[Exercise directions]:
Please transcribe exactly the lines from the first line of the records below through the line containing "In plain terms, the", including both, and omit all pictures.

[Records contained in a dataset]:
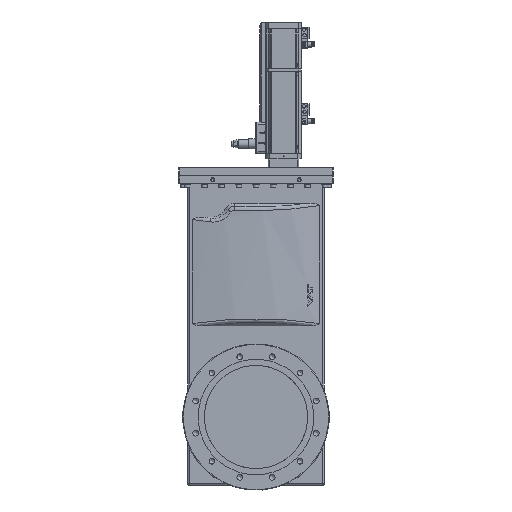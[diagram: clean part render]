
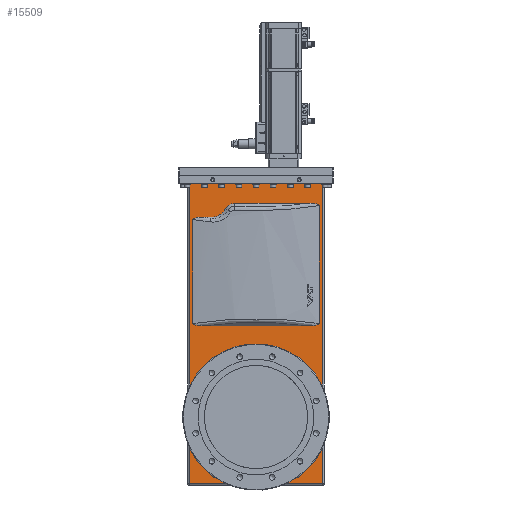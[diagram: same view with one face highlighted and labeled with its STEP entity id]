
A CAD part, front view. The second image highlights one B-rep face of the part: STEP entity #15509.
In plain terms, the highlighted planar face has unit normal (0, -1, 0) as drawn and (0, 0, 1) by its records, which use the part's own axes.
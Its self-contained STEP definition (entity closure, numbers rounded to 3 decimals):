
#15509=ADVANCED_FACE('',(#18729,#18730,#18731),#17597,.F.);
#17597=PLANE('',#48073);
#18729=FACE_BOUND('',#20334,.T.);
#18730=FACE_BOUND('',#20335,.T.);
#18731=FACE_BOUND('',#20336,.T.);
#20334=EDGE_LOOP('',(#29227));
#20335=EDGE_LOOP('',(#29228,#29229,#29230,#29231));
#20336=EDGE_LOOP('',(#29232,#29233,#29234,#29235,#29236,#29237,#29238,#29239,
#29240,#29241,#29242));
#23321=B_SPLINE_CURVE_WITH_KNOTS('',3,(#61765,#61766,#61767,#61768,#61769,
#61770,#61771,#61772,#61773,#61774,#61775,#61776),.UNSPECIFIED.,.F.,.F.,
(4,2,2,2,2,4),(0.,0.5,0.75,0.875,0.938,1.),.UNSPECIFIED.);
#23322=B_SPLINE_CURVE_WITH_KNOTS('',3,(#61777,#61778,#61779,#61780,#61781,
#61782,#61783,#61784,#61785,#61786,#61787,#61788),.UNSPECIFIED.,.F.,.F.,
(4,2,2,2,2,4),(0.,0.063,0.125,0.25,
0.5,1.),.UNSPECIFIED.);
#23323=B_SPLINE_CURVE_WITH_KNOTS('',3,(#61792,#61793,#61794,#61795,#61796,
#61797,#61798,#61799,#61800,#61801,#61802,#61803),.UNSPECIFIED.,.F.,.F.,
(4,2,2,2,2,4),(0.,0.5,0.75,0.875,
0.938,1.),.UNSPECIFIED.);
#23324=B_SPLINE_CURVE_WITH_KNOTS('',3,(#61804,#61805,#61806,#61807,#61808,
#61809,#61810,#61811,#61812,#61813,#61814,#61815),.UNSPECIFIED.,.F.,.F.,
(4,2,2,2,2,4),(0.,0.063,0.125,0.25,0.5,1.),.UNSPECIFIED.);
#24423=LINE('',#61672,#26638);
#24424=LINE('',#61676,#26639);
#24433=LINE('',#61752,#26648);
#24434=LINE('',#61755,#26649);
#24435=LINE('',#61757,#26650);
#24436=LINE('',#61759,#26651);
#24437=LINE('',#61763,#26652);
#24438=LINE('',#61790,#26653);
#24439=LINE('',#61817,#26654);
#26638=VECTOR('',#51739,1.);
#26639=VECTOR('',#51742,1.);
#26648=VECTOR('',#51767,1.);
#26649=VECTOR('',#51768,1.);
#26650=VECTOR('',#51769,1.);
#26651=VECTOR('',#51770,1.);
#26652=VECTOR('',#51773,1.);
#26653=VECTOR('',#51774,1.);
#26654=VECTOR('',#51775,1.);
#29227=ORIENTED_EDGE('',*,*,#41987,.T.);
#29228=ORIENTED_EDGE('',*,*,#41988,.T.);
#29229=ORIENTED_EDGE('',*,*,#41989,.T.);
#29230=ORIENTED_EDGE('',*,*,#41990,.T.);
#29231=ORIENTED_EDGE('',*,*,#41991,.T.);
#29232=ORIENTED_EDGE('',*,*,#41992,.F.);
#29233=ORIENTED_EDGE('',*,*,#41993,.T.);
#29234=ORIENTED_EDGE('',*,*,#41994,.T.);
#29235=ORIENTED_EDGE('',*,*,#41964,.T.);
#29236=ORIENTED_EDGE('',*,*,#41995,.T.);
#29237=ORIENTED_EDGE('',*,*,#41996,.F.);
#29238=ORIENTED_EDGE('',*,*,#41997,.T.);
#29239=ORIENTED_EDGE('',*,*,#41962,.F.);
#29240=ORIENTED_EDGE('',*,*,#41998,.T.);
#29241=ORIENTED_EDGE('',*,*,#41999,.F.);
#29242=ORIENTED_EDGE('',*,*,#42000,.F.);
#38526=VERTEX_POINT('',#61671);
#38527=VERTEX_POINT('',#61673);
#38528=VERTEX_POINT('',#61675);
#38529=VERTEX_POINT('',#61677);
#38551=VERTEX_POINT('',#61751);
#38552=VERTEX_POINT('',#61753);
#38553=VERTEX_POINT('',#61754);
#38554=VERTEX_POINT('',#61756);
#38555=VERTEX_POINT('',#61758);
#38556=VERTEX_POINT('',#61761);
#38557=VERTEX_POINT('',#61762);
#38558=VERTEX_POINT('',#61764);
#38559=VERTEX_POINT('',#61789);
#38560=VERTEX_POINT('',#61791);
#38561=VERTEX_POINT('',#61816);
#38562=VERTEX_POINT('',#61818);
#41962=EDGE_CURVE('',#38526,#38527,#24423,.T.);
#41964=EDGE_CURVE('',#38529,#38528,#24424,.T.);
#41987=EDGE_CURVE('',#38551,#38551,#46608,.T.);
#41988=EDGE_CURVE('',#38552,#38553,#24433,.T.);
#41989=EDGE_CURVE('',#38553,#38554,#24434,.T.);
#41990=EDGE_CURVE('',#38554,#38555,#24435,.T.);
#41991=EDGE_CURVE('',#38555,#38552,#24436,.T.);
#41992=EDGE_CURVE('',#38556,#38557,#46609,.T.);
#41993=EDGE_CURVE('',#38556,#38558,#24437,.T.);
#41994=EDGE_CURVE('',#38558,#38529,#23321,.T.);
#41995=EDGE_CURVE('',#38528,#38559,#23322,.T.);
#41996=EDGE_CURVE('',#38560,#38559,#24438,.T.);
#41997=EDGE_CURVE('',#38560,#38527,#23323,.T.);
#41998=EDGE_CURVE('',#38526,#38561,#23324,.T.);
#41999=EDGE_CURVE('',#38562,#38561,#24439,.T.);
#42000=EDGE_CURVE('',#38557,#38562,#46610,.T.);
#46608=CIRCLE('',#48070,173.075);
#46609=CIRCLE('',#48071,30.);
#46610=CIRCLE('',#48072,48.);
#48070=AXIS2_PLACEMENT_3D('',#61750,#51765,#51766);
#48071=AXIS2_PLACEMENT_3D('',#61760,#51771,#51772);
#48072=AXIS2_PLACEMENT_3D('',#61819,#51776,#51777);
#48073=AXIS2_PLACEMENT_3D('',#61820,#51778,#51779);
#51739=DIRECTION('',(0.,-1.,0.));
#51742=DIRECTION('',(0.,-1.,0.));
#51765=DIRECTION('',(0.,0.,-1.));
#51766=DIRECTION('',(-1.,0.,0.));
#51767=DIRECTION('',(-1.,0.,0.));
#51768=DIRECTION('',(0.,-1.,0.));
#51769=DIRECTION('',(1.,0.,0.));
#51770=DIRECTION('',(0.,1.,0.));
#51771=DIRECTION('',(0.,0.,1.));
#51772=DIRECTION('',(1.,0.,0.));
#51773=DIRECTION('',(1.,0.,0.));
#51774=DIRECTION('',(1.,0.,0.));
#51775=DIRECTION('',(-1.,0.,0.));
#51776=DIRECTION('',(0.,0.,-1.));
#51777=DIRECTION('',(1.,0.,0.));
#51778=DIRECTION('',(0.,0.,-1.));
#51779=DIRECTION('',(1.,0.,0.));
#61671=CARTESIAN_POINT('',(-183.,-126.909,28.25));
#61672=CARTESIAN_POINT('',(-183.,-80.,28.25));
#61673=CARTESIAN_POINT('',(-183.,-428.591,28.25));
#61675=CARTESIAN_POINT('',(183.,-428.591,28.25));
#61676=CARTESIAN_POINT('',(183.,-80.,28.25));
#61677=CARTESIAN_POINT('',(183.,-86.409,28.25));
#61750=CARTESIAN_POINT('',(0.,-700.,28.25));
#61751=CARTESIAN_POINT('',(-173.075,-700.,28.25));
#61752=CARTESIAN_POINT('',(198.2,-11.5,28.25));
#61753=CARTESIAN_POINT('',(191.95,-11.5,28.25));
#61754=CARTESIAN_POINT('',(-191.95,-11.5,28.25));
#61755=CARTESIAN_POINT('',(-191.95,-898.,28.25));
#61756=CARTESIAN_POINT('',(-191.95,-891.75,28.25));
#61757=CARTESIAN_POINT('',(198.2,-891.75,28.25));
#61758=CARTESIAN_POINT('',(191.95,-891.75,28.25));
#61759=CARTESIAN_POINT('',(191.95,-898.,28.25));
#61760=CARTESIAN_POINT('',(-61.806,-110.,28.25));
#61761=CARTESIAN_POINT('',(-61.806,-80.,28.25));
#61762=CARTESIAN_POINT('',(-88.111,-95.577,28.25));
#61763=CARTESIAN_POINT('',(0.,-80.,28.25));
#61764=CARTESIAN_POINT('',(152.687,-80.,28.25));
#61765=CARTESIAN_POINT('',(152.687,-80.,28.25));
#61766=CARTESIAN_POINT('',(158.075,-80.,28.25));
#61767=CARTESIAN_POINT('',(163.454,-80.115,28.25));
#61768=CARTESIAN_POINT('',(171.476,-80.915,28.25));
#61769=CARTESIAN_POINT('',(174.156,-81.273,28.25));
#61770=CARTESIAN_POINT('',(178.096,-82.3,28.25));
#61771=CARTESIAN_POINT('',(179.399,-82.718,28.25));
#61772=CARTESIAN_POINT('',(181.186,-83.685,28.25));
#61773=CARTESIAN_POINT('',(181.764,-84.072,28.25));
#61774=CARTESIAN_POINT('',(182.682,-85.076,28.25));
#61775=CARTESIAN_POINT('',(183.,-85.72,28.25));
#61776=CARTESIAN_POINT('',(183.,-86.409,28.25));
#61777=CARTESIAN_POINT('',(183.,-428.591,28.25));
#61778=CARTESIAN_POINT('',(183.,-429.283,28.25));
#61779=CARTESIAN_POINT('',(182.678,-429.931,28.25));
#61780=CARTESIAN_POINT('',(181.75,-430.94,28.25));
#61781=CARTESIAN_POINT('',(181.173,-431.324,28.25));
#61782=CARTESIAN_POINT('',(179.381,-432.289,28.25));
#61783=CARTESIAN_POINT('',(178.086,-432.703,28.25));
#61784=CARTESIAN_POINT('',(174.149,-433.727,28.25));
#61785=CARTESIAN_POINT('',(171.487,-434.084,28.25));
#61786=CARTESIAN_POINT('',(163.471,-434.885,28.25));
#61787=CARTESIAN_POINT('',(158.075,-435.,28.25));
#61788=CARTESIAN_POINT('',(152.687,-435.,28.25));
#61789=CARTESIAN_POINT('',(152.687,-435.,28.25));
#61790=CARTESIAN_POINT('',(0.,-435.,28.25));
#61791=CARTESIAN_POINT('',(-152.687,-435.,28.25));
#61792=CARTESIAN_POINT('',(-152.687,-435.,28.25));
#61793=CARTESIAN_POINT('',(-158.075,-435.,28.25));
#61794=CARTESIAN_POINT('',(-163.454,-434.885,28.25));
#61795=CARTESIAN_POINT('',(-171.476,-434.085,28.25));
#61796=CARTESIAN_POINT('',(-174.156,-433.727,28.25));
#61797=CARTESIAN_POINT('',(-178.096,-432.7,28.25));
#61798=CARTESIAN_POINT('',(-179.399,-432.282,28.25));
#61799=CARTESIAN_POINT('',(-181.186,-431.315,28.25));
#61800=CARTESIAN_POINT('',(-181.764,-430.928,28.25));
#61801=CARTESIAN_POINT('',(-182.682,-429.924,28.25));
#61802=CARTESIAN_POINT('',(-183.,-429.28,28.25));
#61803=CARTESIAN_POINT('',(-183.,-428.591,28.25));
#61804=CARTESIAN_POINT('',(-183.,-126.909,28.25));
#61805=CARTESIAN_POINT('',(-183.,-126.217,28.25));
#61806=CARTESIAN_POINT('',(-182.678,-125.569,28.25));
#61807=CARTESIAN_POINT('',(-181.75,-124.56,28.25));
#61808=CARTESIAN_POINT('',(-181.173,-124.176,28.25));
#61809=CARTESIAN_POINT('',(-179.381,-123.211,28.25));
#61810=CARTESIAN_POINT('',(-178.086,-122.797,28.25));
#61811=CARTESIAN_POINT('',(-174.149,-121.773,28.25));
#61812=CARTESIAN_POINT('',(-171.487,-121.416,28.25));
#61813=CARTESIAN_POINT('',(-163.471,-120.615,28.25));
#61814=CARTESIAN_POINT('',(-158.075,-120.5,28.25));
#61815=CARTESIAN_POINT('',(-152.687,-120.5,28.25));
#61816=CARTESIAN_POINT('',(-152.687,-120.5,28.25));
#61817=CARTESIAN_POINT('',(198.2,-120.5,28.25));
#61818=CARTESIAN_POINT('',(-130.2,-120.5,28.25));
#61819=CARTESIAN_POINT('',(-130.2,-72.5,28.25));
#61820=CARTESIAN_POINT('',(198.2,-898.,28.25));

[Exercise output]:
[diagram: clean part render]
[diagram: same view with one face highlighted and labeled with its STEP entity id]
A CAD part, front view. The second image highlights one B-rep face of the part: STEP entity #15509.
In plain terms, the highlighted planar face has unit normal (0, -1, 0) as drawn and (0, 0, 1) by its records, which use the part's own axes.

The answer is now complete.